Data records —
= = = = = = =

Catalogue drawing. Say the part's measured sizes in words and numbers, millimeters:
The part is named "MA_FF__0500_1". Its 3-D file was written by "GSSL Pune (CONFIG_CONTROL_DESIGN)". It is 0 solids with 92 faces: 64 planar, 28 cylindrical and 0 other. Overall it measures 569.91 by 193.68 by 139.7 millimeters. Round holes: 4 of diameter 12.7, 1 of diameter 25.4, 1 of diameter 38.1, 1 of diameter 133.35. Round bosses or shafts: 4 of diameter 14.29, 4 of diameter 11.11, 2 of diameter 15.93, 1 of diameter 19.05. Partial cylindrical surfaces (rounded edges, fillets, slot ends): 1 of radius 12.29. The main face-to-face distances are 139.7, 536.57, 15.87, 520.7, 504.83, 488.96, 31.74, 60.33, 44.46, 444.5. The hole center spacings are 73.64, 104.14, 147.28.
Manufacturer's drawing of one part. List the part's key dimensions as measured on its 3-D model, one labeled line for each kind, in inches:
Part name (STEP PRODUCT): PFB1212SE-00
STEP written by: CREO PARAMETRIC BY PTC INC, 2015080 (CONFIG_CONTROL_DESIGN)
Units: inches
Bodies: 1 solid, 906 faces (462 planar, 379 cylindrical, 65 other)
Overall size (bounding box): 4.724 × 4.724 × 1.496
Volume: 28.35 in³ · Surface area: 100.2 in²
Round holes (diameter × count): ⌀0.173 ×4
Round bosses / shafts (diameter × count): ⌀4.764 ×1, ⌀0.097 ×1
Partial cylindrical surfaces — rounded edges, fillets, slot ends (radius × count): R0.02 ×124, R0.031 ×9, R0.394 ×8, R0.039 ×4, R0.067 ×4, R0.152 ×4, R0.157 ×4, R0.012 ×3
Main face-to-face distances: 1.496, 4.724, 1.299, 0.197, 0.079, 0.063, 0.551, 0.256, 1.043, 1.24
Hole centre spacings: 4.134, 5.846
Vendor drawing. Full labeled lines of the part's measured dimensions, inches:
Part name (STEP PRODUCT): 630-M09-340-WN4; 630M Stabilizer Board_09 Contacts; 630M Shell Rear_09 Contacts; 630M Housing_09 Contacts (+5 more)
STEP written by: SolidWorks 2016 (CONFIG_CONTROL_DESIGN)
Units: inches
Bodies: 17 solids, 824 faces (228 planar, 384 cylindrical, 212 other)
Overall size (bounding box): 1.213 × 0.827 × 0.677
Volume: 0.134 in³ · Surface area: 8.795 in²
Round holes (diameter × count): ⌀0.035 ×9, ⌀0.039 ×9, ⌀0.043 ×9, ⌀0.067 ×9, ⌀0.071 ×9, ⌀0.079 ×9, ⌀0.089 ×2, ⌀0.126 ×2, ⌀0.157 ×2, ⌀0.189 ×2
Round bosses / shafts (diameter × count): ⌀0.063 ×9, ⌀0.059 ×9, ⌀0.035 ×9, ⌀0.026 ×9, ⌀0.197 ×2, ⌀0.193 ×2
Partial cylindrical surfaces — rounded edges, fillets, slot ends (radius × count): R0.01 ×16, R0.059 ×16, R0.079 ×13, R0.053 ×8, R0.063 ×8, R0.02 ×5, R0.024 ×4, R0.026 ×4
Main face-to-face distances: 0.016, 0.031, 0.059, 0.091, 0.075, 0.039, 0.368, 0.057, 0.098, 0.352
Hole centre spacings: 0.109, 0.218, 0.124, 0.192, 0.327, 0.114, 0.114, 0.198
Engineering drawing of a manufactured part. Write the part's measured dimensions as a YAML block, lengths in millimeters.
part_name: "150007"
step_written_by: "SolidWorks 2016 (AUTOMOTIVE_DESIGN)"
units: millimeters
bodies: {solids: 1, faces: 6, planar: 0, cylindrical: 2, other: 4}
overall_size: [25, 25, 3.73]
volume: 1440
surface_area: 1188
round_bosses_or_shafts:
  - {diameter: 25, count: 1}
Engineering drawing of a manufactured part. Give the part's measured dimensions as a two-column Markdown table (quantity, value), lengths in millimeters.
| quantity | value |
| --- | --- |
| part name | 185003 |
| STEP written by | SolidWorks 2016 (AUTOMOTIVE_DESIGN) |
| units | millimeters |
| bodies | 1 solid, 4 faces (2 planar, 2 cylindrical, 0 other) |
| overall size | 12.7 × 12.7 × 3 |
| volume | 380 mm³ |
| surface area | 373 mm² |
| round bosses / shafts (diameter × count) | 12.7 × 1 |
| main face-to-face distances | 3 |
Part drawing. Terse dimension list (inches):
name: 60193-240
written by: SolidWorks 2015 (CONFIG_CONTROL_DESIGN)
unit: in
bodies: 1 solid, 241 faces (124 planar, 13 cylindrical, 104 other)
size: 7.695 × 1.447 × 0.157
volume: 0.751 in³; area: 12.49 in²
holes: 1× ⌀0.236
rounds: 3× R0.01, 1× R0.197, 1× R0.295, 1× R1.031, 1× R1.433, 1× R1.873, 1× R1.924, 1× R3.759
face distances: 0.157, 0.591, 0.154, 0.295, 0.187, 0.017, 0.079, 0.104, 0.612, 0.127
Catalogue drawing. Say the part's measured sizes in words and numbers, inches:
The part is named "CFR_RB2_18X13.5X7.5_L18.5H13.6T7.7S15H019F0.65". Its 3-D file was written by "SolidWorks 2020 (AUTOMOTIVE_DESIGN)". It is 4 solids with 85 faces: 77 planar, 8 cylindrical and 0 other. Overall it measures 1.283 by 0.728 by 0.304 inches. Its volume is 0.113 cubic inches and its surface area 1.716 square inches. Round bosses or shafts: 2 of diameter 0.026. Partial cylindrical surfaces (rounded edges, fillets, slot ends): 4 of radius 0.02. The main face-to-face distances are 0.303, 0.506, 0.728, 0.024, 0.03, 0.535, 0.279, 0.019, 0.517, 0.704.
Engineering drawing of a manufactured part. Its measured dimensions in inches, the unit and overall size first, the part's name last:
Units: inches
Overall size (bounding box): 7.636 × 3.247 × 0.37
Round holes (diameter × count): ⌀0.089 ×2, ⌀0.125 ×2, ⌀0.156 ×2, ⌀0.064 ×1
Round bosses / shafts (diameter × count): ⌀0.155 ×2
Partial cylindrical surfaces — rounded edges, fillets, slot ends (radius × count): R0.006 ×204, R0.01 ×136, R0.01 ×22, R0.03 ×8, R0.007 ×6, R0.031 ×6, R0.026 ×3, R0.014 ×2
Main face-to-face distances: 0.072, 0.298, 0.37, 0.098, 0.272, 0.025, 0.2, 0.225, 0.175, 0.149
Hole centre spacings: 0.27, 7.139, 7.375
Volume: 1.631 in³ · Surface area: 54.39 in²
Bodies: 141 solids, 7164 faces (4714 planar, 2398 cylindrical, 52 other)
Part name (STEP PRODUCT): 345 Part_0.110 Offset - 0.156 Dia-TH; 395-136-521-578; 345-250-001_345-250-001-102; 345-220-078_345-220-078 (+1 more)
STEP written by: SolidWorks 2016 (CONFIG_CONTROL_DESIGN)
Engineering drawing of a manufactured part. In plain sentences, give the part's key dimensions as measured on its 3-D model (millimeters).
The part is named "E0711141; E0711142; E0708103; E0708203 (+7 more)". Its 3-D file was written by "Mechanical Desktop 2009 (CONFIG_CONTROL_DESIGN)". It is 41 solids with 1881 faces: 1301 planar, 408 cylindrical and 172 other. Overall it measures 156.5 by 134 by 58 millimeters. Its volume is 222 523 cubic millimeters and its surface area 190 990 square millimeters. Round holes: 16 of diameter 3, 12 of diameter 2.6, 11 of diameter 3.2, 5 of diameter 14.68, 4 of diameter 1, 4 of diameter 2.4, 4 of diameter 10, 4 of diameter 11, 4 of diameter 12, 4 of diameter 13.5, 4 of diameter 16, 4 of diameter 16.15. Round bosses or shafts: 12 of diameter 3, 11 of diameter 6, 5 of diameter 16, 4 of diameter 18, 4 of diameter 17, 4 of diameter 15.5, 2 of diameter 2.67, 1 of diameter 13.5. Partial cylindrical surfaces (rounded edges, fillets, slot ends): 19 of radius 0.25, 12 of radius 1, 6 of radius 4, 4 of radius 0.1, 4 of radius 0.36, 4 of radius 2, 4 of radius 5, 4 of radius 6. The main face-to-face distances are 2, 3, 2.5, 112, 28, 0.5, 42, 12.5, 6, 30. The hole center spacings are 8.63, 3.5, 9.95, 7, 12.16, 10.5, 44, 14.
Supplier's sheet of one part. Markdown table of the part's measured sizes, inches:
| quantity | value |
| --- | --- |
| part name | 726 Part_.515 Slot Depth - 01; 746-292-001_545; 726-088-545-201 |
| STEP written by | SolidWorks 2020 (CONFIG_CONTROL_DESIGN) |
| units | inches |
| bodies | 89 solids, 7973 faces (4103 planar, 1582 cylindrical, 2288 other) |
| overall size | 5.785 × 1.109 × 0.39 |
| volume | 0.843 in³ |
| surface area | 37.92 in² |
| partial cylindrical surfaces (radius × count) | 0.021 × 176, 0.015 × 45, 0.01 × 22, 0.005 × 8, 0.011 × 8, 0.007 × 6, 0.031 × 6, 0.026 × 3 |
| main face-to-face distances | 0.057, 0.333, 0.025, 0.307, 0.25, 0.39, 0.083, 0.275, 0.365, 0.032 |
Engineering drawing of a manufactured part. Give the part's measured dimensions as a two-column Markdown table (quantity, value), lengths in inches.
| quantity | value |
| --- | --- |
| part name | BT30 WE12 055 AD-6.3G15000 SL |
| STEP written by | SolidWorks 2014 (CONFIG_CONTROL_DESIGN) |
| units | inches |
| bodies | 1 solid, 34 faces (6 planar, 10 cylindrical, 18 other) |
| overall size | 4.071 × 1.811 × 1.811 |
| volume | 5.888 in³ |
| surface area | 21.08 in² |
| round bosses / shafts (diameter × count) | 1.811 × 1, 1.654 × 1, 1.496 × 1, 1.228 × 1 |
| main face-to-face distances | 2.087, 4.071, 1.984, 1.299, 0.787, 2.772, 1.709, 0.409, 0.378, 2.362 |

= = = = = = =

Task description — From the entries, work out how many lines include the word "cubic", answering with the number only.

Exercise output — 2